Das Haus Zum freundlichen Gesicht war ein Gebäude in Magdeburg im heutigen Sachsen-Anhalt. Es wurde im Zweiten Weltkrieg zerstört und gilt als verlorengegangenes Baudenkmal.[1]

Lage[Bearbeiten | Quelltext bearbeiten]

Es befand sich in der Magdeburger Altstadt an der ehemaligen Adresse Große Münzstraße 13 auf der Südseite der Großen Münzstraße, in einer Ecklage zur Kutscherstraße. In der Vergangenheit war das Grundstück vor einer Umnummerierung als Nummer 8 geführt worden. Heute befinden sich dort die in den 1950er Jahren errichteten Wohnhäuser Große Münzstraße 5 und 7.

Architektur und Geschichte[Bearbeiten | Quelltext bearbeiten]

Alexander Erskein (1598–1656)

Das Anwesen war ein Lehn des Klosters Unser Lieben Frauen und gehörte vor dem Jahr 1631 Ebeling Alemann. Später gehörte es seiner Witwe, bevor das Grundstück dann an den Rat der Stadt Magdeburg fiel. Gemeinsam mit dem benachbarten, östlich angrenzenden Grundstück Nummer 14 schenkte es der Rat im Jahr 1647 Alexander Erskein, dem Präsidenten des schwedischen Hofgerichts in Pommern und Assistensrat beim schwedischen Hauptheer in Deutschland. Ziel war es dabei, den als Vermittler zwischen der Stadt und der schwedischen Regierung wirkenden Erskein, günstig für die Belange der Stadt zu stimmen. Seine Erben verkauften das Grundstück an Otto von Guericke junior (1628–1704), dem Sohn Otto von Guerickes, der beim Grundstücksgeschäft auch vermittelte. Das Grundstück war jedoch, wohl in Folge der Zerstörung Magdeburgs im Jahr 1631, wüst und wurde zur Ablagerung von Müll genutzt. Otto von Guericke senior ließ den Platz beräumen und das Grundstück von einer Mauer umgeben. Es wurde dann als Garten genutzt. Auf dem Grundstück des späteren Hauses Zum freundlich Gesicht wurde in der Zeit bis 1695 ein Gebäude errichtet. Es kam dann zu einem Grundstückstausch. Von Guericke gab das Grundstück Große Münzstraße 13 an die Ulrichsgemeinde und erhielt von dieser dafür das Grundstück Georgenstraße 12. Die Ulrichsgemeinde veräußerte das Haus im Jahr 1695 für 350 Taler an den kurbrandenburgischen Münzmeister Johann Christoph von Sehlen. Im Jahr 1725 wurde das Anwesen vom Münzmeister Johann Georg Neubauer für 350 Taler an Christian Grünberg veräußert.[2]

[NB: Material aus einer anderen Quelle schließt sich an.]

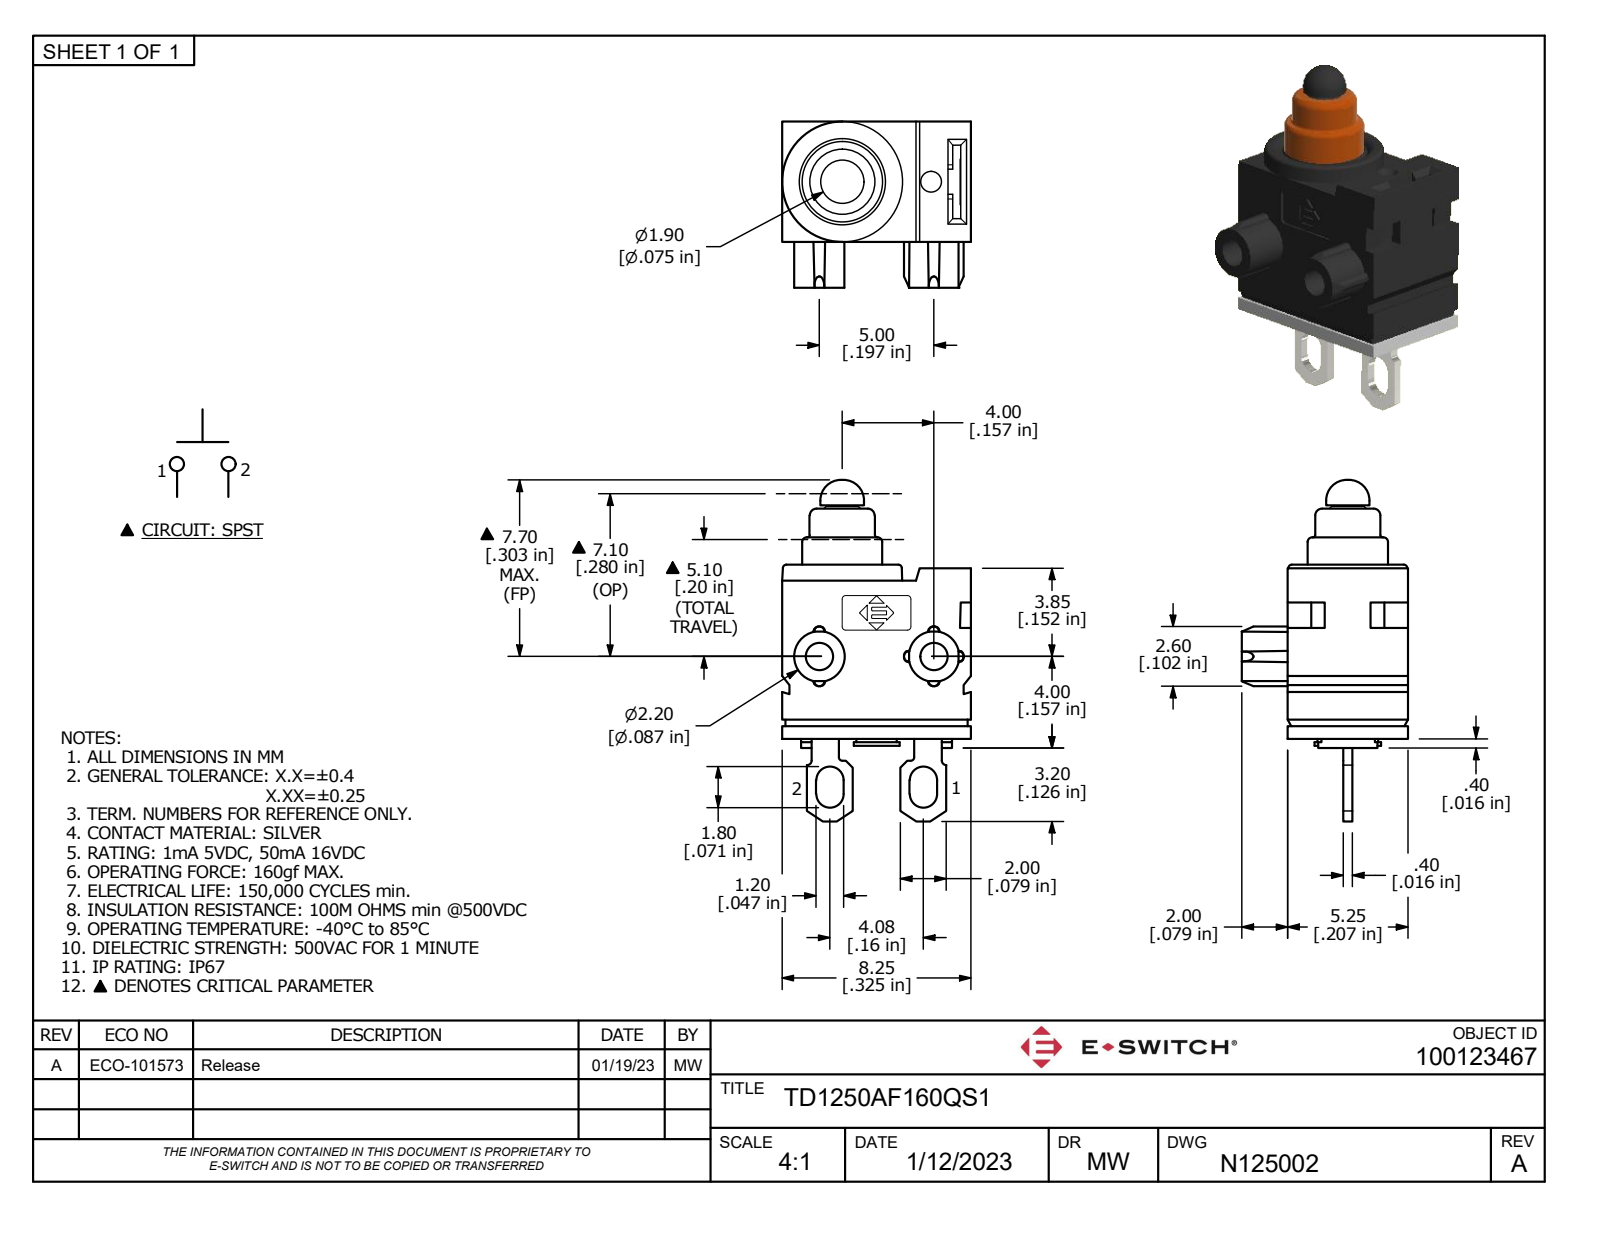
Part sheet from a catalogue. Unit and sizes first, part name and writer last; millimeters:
Units: millimetres
Overall size (bounding box): 14.9 × 8.25 × 7.25
Round holes (diameter × count): ⌀1.2 ×2, ⌀4.65 ×1
Round bosses / shafts (diameter × count): ⌀4.5 ×1, ⌀3.5 ×1, ⌀2.85 ×1, ⌀2.2 ×1, ⌀1.9 ×1, ⌀1.2 ×1
Partial cylindrical surfaces — rounded edges, fillets, slot ends (radius × count): R0.2 ×14, R0.15 ×8, R0.6 ×4, R0.1 ×3, R1.1 ×1
Main face-to-face distances: 5.24, 8.24, 0.55, 2.42, 2.82, 6.9, 7.45, 0.4, 7.24, 7.75
Hole centre spacings: 5
Volume: 350 mm³ · Surface area: 459 mm²
Bodies: 1 solid, 266 faces (203 planar, 51 cylindrical, 12 other)
Part name (STEP PRODUCT): TD1250AF160QS1
STEP written by: Autodesk Inventor 2022 (AUTOMOTIVE_DESIGN)
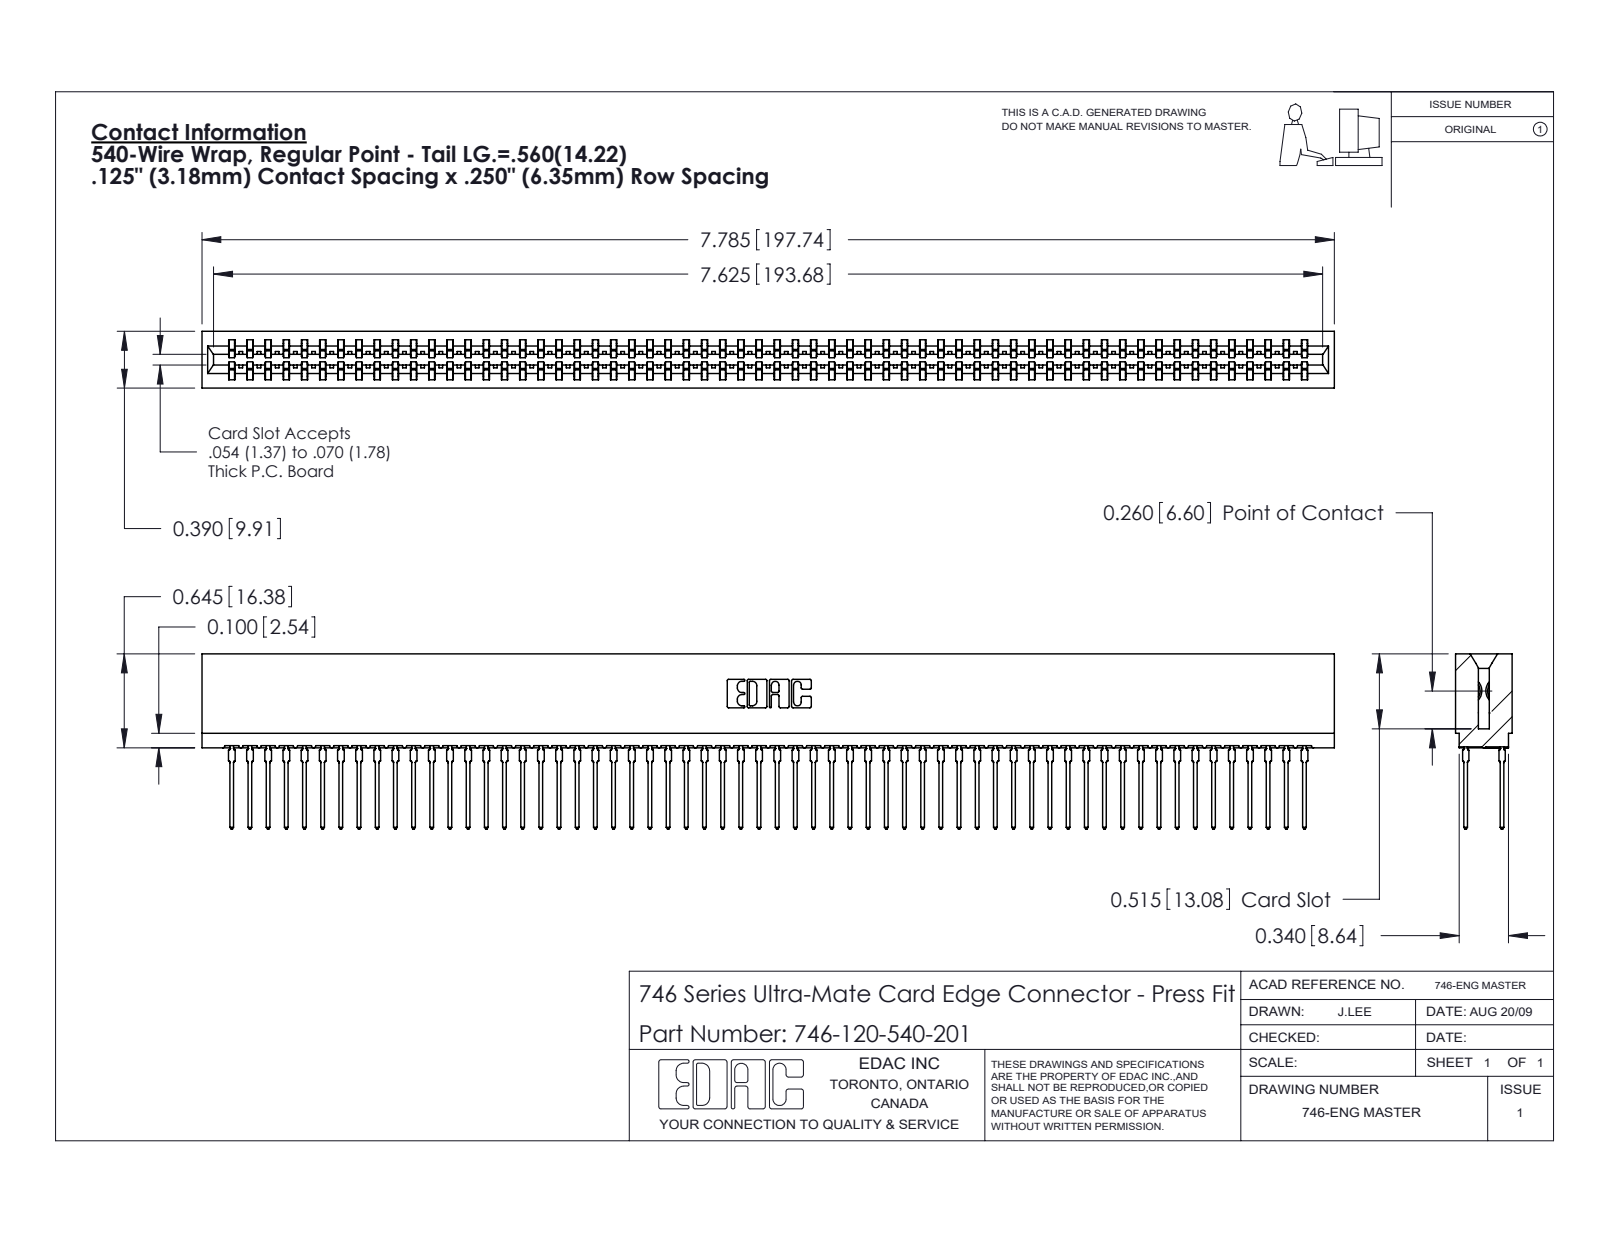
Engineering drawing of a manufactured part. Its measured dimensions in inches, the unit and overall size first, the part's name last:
Units: inches
Overall size (bounding box): 7.785 × 1.204 × 0.39
Partial cylindrical surfaces — rounded edges, fillets, slot ends (radius × count): R0.021 ×240, R0.015 ×61, R0.01 ×22, R0.005 ×8, R0.011 ×8, R0.007 ×6, R0.031 ×6, R0.026 ×3
Main face-to-face distances: 0.057, 0.333, 0.39, 0.025, 0.25, 0.307, 0.275, 0.083, 0.174, 0.158
Volume: 1.309 in³ · Surface area: 56.54 in²
Bodies: 121 solids, 10837 faces (5575 planar, 2142 cylindrical, 3120 other)
Part name (STEP PRODUCT): 746-292-001_540; 746 Part_.515 Slot Depth - 01; 746-120-540-201
STEP written by: SolidWorks 2020 (CONFIG_CONTROL_DESIGN)
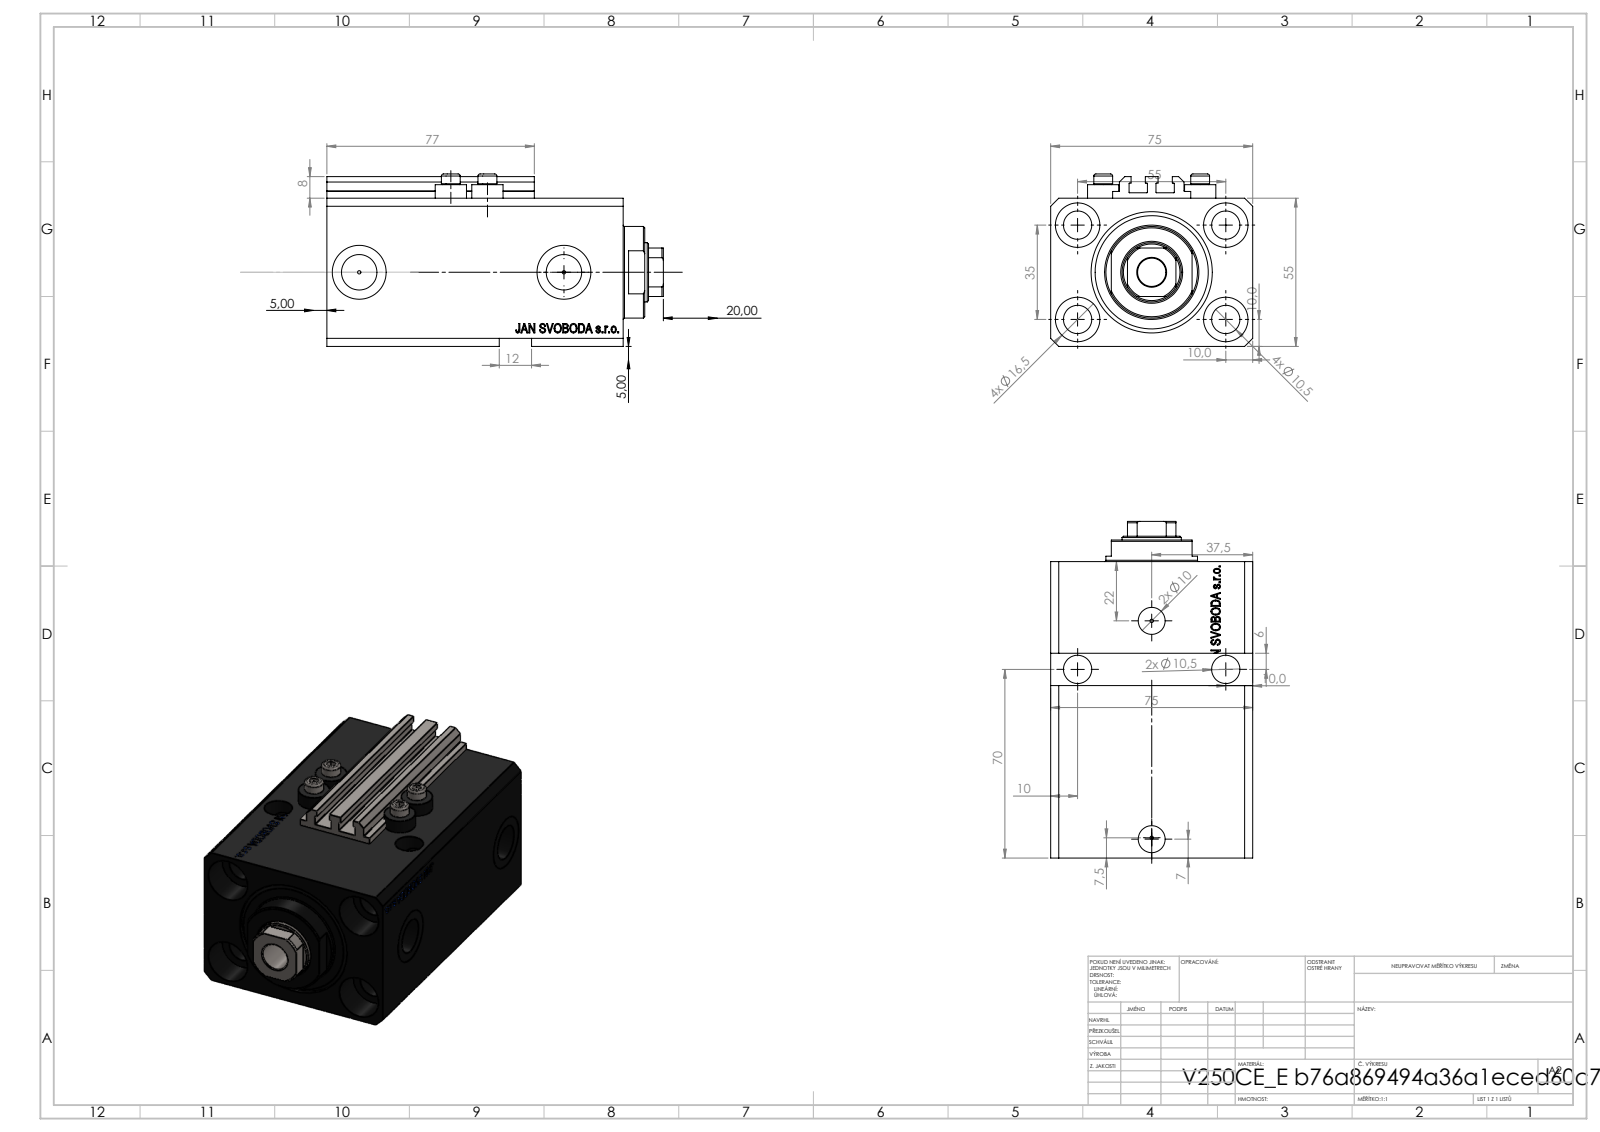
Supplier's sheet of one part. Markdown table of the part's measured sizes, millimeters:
| quantity | value |
| --- | --- |
| part name | ALLEN BOLT V250CE; V250CE_VC_E; V250CE_E_Body; V250CE_C_VCP |
| STEP written by | SolidWorks 2019 (CONFIG_CONTROL_DESIGN) |
| units | millimeters |
| bodies | 8 solids, 1100 faces (518 planar, 158 cylindrical, 424 other) |
| overall size | 125 × 75 × 64 |
| volume | 377 718 mm³ |
| surface area | 96 791 mm² |
| round holes (diameter × count) | 10.5 × 9, 1.25 × 4, 4 × 4, 16.5 × 4, 10 × 2, 13.16 × 2, 20 × 2, 22 × 1, 32 × 1, 45 × 1 |
| round bosses / shafts (diameter × count) | 11.6 × 4, 7 × 4, 34 × 1 |
| partial cylindrical surfaces (radius × count) | 0.2 × 10, 10.5 × 1 |
| main face-to-face distances | 55, 75, 15, 110, 95, 9.9, 3, 85.1, 100.1, 57 |
| hole center spacings | 32.6, 32.87, 55, 68.74, 13.6, 14.09, 23.05, 25.81 |
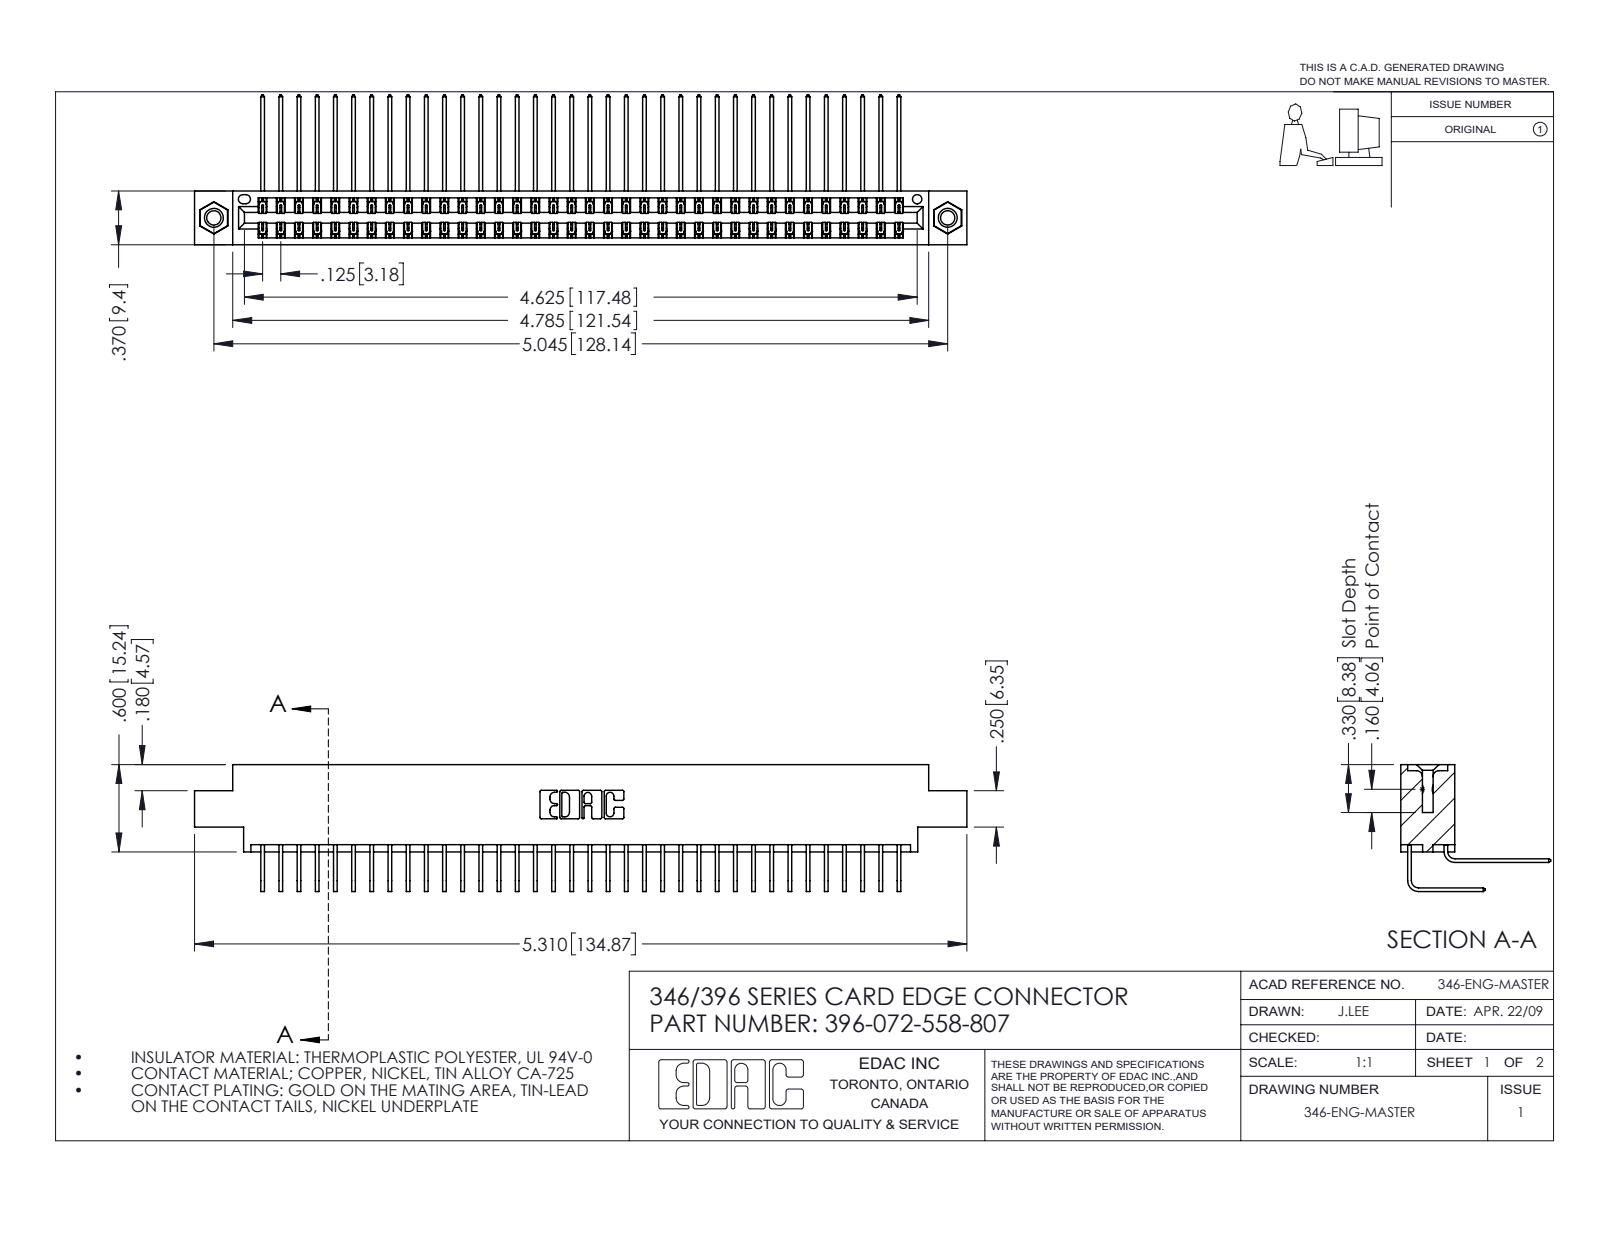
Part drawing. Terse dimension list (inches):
name: 345-292-001_558 559 Tail - 1; 346 Part_0.170 Offset - 0.156 Dia-TI; 345-250-001_345-250-005-103; 345-292-001_558 Tail - 2 (+1 more)
written by: SolidWorks 2016 (CONFIG_CONTROL_DESIGN)
unit: in
bodies: 75 solids, 4074 faces (2776 planar, 1282 cylindrical, 16 other)
size: 5.31 × 1.03 × 0.873
volume: 0.815 in³; area: 31.72 in²
holes: 2× ⌀0.098, 2× ⌀0.125, 2× ⌀0.156, 1× ⌀0.064
bosses: 2× ⌀0.155
rounds: 108× R0.006, 22× R0.01, 6× R0.007, 6× R0.031, 3× R0.026, 2× R0.014, 2× R0.022, 2× R0.024
face distances: 0.322, 0.048, 0.025, 0.37, 0.25, 0.298, 0.072, 0.275, 0.222, 0.148
hole spacings: 0.246, 4.836, 5.045

Eine andere Angabe nennt 1724 als Eigentümer August von Haeseler, der von 1722 bis März 1724[3] das bis 1945 bestehende Haus Zum freundlichen Gesicht errichten ließ. Eine Taxierung des Baus mit 7468 Talern ist durch die Meister Burckard und Röthel überliefert.[4] Es wird vermutet, dass Grünberg vielleicht nur als Strohmann für Haeseler auftrat.[5] Als Baumeister wird J. Chr. Memhard vermutet.[6] Es entstand ein zweigeschossiges verputztes Gebäude. Die Fassade zur nördlich verlaufenden Großen Münzstraße war im Erdgeschoss siebenachsig ausgeführt. Nach Westen zur Kutscherstraße war sie dreiachsig. Die mittlere Achse und die jeweils äußeren Achsen der Nordfassade traten nach Norden in Art von Risaliten hervor und waren durch rustizierte Lisenen hervorgehoben. Der Mittelrisalit war durch Putzstreifen gegliedert. Im Obergeschoss war der Risalit zweiachsig ausgeführt. Die beiden Fensteröffnungen wurden von Dreiecksgiebeln bekrönt, unter denen sich die Wappen der Familie Haeseler und Köpke befanden. Die Fensterbänke wurden von Konsolen getragen. Im Erdgeschoss des Mittelrisalits bestand ein als Rundbogen ausgeführtes, von Pilastern umgebenes Portal. Die Pilaster trugen Gebälkstücke, auf denen sich ein auf Voluten angeordnetes Gesimsstück befand.

Oberhalb der Haustür befand sich ein Oberlicht, das von einem Segmentbogen überspannt wurde. Im Scheitelpunkt des Bogens befand sich als Hauszeichen das Bildnis eines lächelnden, pausbäckigen Frauengesichts, worauf der Name des Hauses Bezug nahm. Links oberhalb des Hauszeichens befand sich als Inschrift eine 17, rechts eine als Z4 geschriebene 24. Die Jahreszahl 1724 verwies auf das Jahr der Fertigstellung des Hauses. Oberhalb des Hauszeichens befand sich die Inschrift Zum freundlichen Gesicht.[7]

Auch an der schmalen Seite zur Kutscherstraße befand sich ein gefugter Risalit. Er setzte sich nach oben in Form von zwei Pilastern fort, die einen Segmentbogen trugen. An den Eckfenstern des Hauses befindliche Verzierungen traten in dieser Form erstmals in Magdeburg auf.[8]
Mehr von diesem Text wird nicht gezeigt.